Saved data entries

══════

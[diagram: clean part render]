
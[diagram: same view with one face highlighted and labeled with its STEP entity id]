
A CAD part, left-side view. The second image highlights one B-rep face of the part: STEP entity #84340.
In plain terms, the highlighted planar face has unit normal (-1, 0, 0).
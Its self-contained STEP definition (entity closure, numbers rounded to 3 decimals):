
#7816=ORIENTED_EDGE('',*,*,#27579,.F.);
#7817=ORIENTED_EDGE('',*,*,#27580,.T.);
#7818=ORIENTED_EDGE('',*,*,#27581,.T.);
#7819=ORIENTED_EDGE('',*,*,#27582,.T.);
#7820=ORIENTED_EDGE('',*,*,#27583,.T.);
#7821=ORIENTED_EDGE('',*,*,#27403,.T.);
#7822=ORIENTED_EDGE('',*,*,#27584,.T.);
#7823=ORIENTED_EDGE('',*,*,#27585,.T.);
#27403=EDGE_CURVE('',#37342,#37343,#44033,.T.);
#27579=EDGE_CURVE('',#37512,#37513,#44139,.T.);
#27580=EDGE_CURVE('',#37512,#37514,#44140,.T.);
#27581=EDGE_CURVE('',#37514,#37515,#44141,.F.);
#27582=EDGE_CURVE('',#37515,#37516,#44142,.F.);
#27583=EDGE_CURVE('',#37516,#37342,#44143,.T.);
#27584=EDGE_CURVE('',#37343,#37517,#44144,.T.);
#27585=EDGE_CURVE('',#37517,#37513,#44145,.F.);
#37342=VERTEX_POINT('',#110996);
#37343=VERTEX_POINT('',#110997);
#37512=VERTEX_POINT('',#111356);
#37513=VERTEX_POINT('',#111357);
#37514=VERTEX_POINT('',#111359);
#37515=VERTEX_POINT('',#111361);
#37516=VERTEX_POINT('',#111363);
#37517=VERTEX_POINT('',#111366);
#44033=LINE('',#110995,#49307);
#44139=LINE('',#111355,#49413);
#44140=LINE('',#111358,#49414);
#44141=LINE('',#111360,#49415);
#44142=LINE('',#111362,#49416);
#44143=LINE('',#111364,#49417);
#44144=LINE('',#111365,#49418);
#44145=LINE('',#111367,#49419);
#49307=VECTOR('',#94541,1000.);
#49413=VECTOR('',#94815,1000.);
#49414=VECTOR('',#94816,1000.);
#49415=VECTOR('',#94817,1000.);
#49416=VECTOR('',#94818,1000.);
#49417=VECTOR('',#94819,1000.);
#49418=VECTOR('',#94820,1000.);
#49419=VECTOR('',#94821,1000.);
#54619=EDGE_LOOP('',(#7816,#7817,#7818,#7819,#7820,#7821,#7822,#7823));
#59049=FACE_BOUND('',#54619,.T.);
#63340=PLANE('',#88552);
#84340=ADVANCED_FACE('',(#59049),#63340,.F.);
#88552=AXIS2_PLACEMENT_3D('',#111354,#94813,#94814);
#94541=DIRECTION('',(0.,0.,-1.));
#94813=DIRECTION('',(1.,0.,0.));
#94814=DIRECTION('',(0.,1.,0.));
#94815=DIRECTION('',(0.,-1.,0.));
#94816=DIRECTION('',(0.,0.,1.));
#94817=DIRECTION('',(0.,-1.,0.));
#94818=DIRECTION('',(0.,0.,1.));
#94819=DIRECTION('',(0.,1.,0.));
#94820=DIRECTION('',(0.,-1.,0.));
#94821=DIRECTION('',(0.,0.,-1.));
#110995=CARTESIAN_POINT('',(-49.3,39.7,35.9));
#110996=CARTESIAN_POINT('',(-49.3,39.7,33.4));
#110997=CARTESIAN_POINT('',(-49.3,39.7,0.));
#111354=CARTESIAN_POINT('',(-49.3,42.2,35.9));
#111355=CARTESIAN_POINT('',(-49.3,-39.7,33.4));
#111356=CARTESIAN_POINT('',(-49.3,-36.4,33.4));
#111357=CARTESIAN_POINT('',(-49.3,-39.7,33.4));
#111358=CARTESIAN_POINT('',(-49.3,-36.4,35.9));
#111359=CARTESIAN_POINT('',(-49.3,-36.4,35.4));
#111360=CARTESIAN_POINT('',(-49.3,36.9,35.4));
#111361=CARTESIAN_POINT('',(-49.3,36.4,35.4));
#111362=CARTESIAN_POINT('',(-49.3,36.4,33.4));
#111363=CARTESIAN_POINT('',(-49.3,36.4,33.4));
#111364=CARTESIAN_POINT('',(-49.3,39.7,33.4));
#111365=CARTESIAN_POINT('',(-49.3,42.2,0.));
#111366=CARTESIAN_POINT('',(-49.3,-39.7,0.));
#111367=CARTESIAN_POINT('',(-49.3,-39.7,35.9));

══════

• Task:
Each line above is to be copied exactly as written.

• Exercise output:
[diagram: clean part render]
[diagram: same view with one face highlighted and labeled with its STEP entity id]
A CAD part, left-side view. The second image highlights one B-rep face of the part: STEP entity #84340.
In plain terms, the highlighted planar face has unit normal (-1, 0, 0).
Its self-contained STEP definition (entity closure, numbers rounded to 3 decimals):
#7816=ORIENTED_EDGE('',*,*,#27579,.F.);
#7817=ORIENTED_EDGE('',*,*,#27580,.T.);
#7818=ORIENTED_EDGE('',*,*,#27581,.T.);
#7819=ORIENTED_EDGE('',*,*,#27582,.T.);
#7820=ORIENTED_EDGE('',*,*,#27583,.T.);
#7821=ORIENTED_EDGE('',*,*,#27403,.T.);
#7822=ORIENTED_EDGE('',*,*,#27584,.T.);
#7823=ORIENTED_EDGE('',*,*,#27585,.T.);
#27403=EDGE_CURVE('',#37342,#37343,#44033,.T.);
#27579=EDGE_CURVE('',#37512,#37513,#44139,.T.);
#27580=EDGE_CURVE('',#37512,#37514,#44140,.T.);
#27581=EDGE_CURVE('',#37514,#37515,#44141,.F.);
#27582=EDGE_CURVE('',#37515,#37516,#44142,.F.);
#27583=EDGE_CURVE('',#37516,#37342,#44143,.T.);
#27584=EDGE_CURVE('',#37343,#37517,#44144,.T.);
#27585=EDGE_CURVE('',#37517,#37513,#44145,.F.);
#37342=VERTEX_POINT('',#110996);
#37343=VERTEX_POINT('',#110997);
#37512=VERTEX_POINT('',#111356);
#37513=VERTEX_POINT('',#111357);
#37514=VERTEX_POINT('',#111359);
#37515=VERTEX_POINT('',#111361);
#37516=VERTEX_POINT('',#111363);
#37517=VERTEX_POINT('',#111366);
#44033=LINE('',#110995,#49307);
#44139=LINE('',#111355,#49413);
#44140=LINE('',#111358,#49414);
#44141=LINE('',#111360,#49415);
#44142=LINE('',#111362,#49416);
#44143=LINE('',#111364,#49417);
#44144=LINE('',#111365,#49418);
#44145=LINE('',#111367,#49419);
#49307=VECTOR('',#94541,1000.);
#49413=VECTOR('',#94815,1000.);
#49414=VECTOR('',#94816,1000.);
#49415=VECTOR('',#94817,1000.);
#49416=VECTOR('',#94818,1000.);
#49417=VECTOR('',#94819,1000.);
#49418=VECTOR('',#94820,1000.);
#49419=VECTOR('',#94821,1000.);
#54619=EDGE_LOOP('',(#7816,#7817,#7818,#7819,#7820,#7821,#7822,#7823));
#59049=FACE_BOUND('',#54619,.T.);
#63340=PLANE('',#88552);
#84340=ADVANCED_FACE('',(#59049),#63340,.F.);
#88552=AXIS2_PLACEMENT_3D('',#111354,#94813,#94814);
#94541=DIRECTION('',(0.,0.,-1.));
#94813=DIRECTION('',(1.,0.,0.));
#94814=DIRECTION('',(0.,1.,0.));
#94815=DIRECTION('',(0.,-1.,0.));
#94816=DIRECTION('',(0.,0.,1.));
#94817=DIRECTION('',(0.,-1.,0.));
#94818=DIRECTION('',(0.,0.,1.));
#94819=DIRECTION('',(0.,1.,0.));
#94820=DIRECTION('',(0.,-1.,0.));
#94821=DIRECTION('',(0.,0.,-1.));
#110995=CARTESIAN_POINT('',(-49.3,39.7,35.9));
#110996=CARTESIAN_POINT('',(-49.3,39.7,33.4));
#110997=CARTESIAN_POINT('',(-49.3,39.7,0.));
#111354=CARTESIAN_POINT('',(-49.3,42.2,35.9));
#111355=CARTESIAN_POINT('',(-49.3,-39.7,33.4));
#111356=CARTESIAN_POINT('',(-49.3,-36.4,33.4));
#111357=CARTESIAN_POINT('',(-49.3,-39.7,33.4));
#111358=CARTESIAN_POINT('',(-49.3,-36.4,35.9));
#111359=CARTESIAN_POINT('',(-49.3,-36.4,35.4));
#111360=CARTESIAN_POINT('',(-49.3,36.9,35.4));
#111361=CARTESIAN_POINT('',(-49.3,36.4,35.4));
#111362=CARTESIAN_POINT('',(-49.3,36.4,33.4));
#111363=CARTESIAN_POINT('',(-49.3,36.4,33.4));
#111364=CARTESIAN_POINT('',(-49.3,39.7,33.4));
#111365=CARTESIAN_POINT('',(-49.3,42.2,0.));
#111366=CARTESIAN_POINT('',(-49.3,-39.7,0.));
#111367=CARTESIAN_POINT('',(-49.3,-39.7,35.9));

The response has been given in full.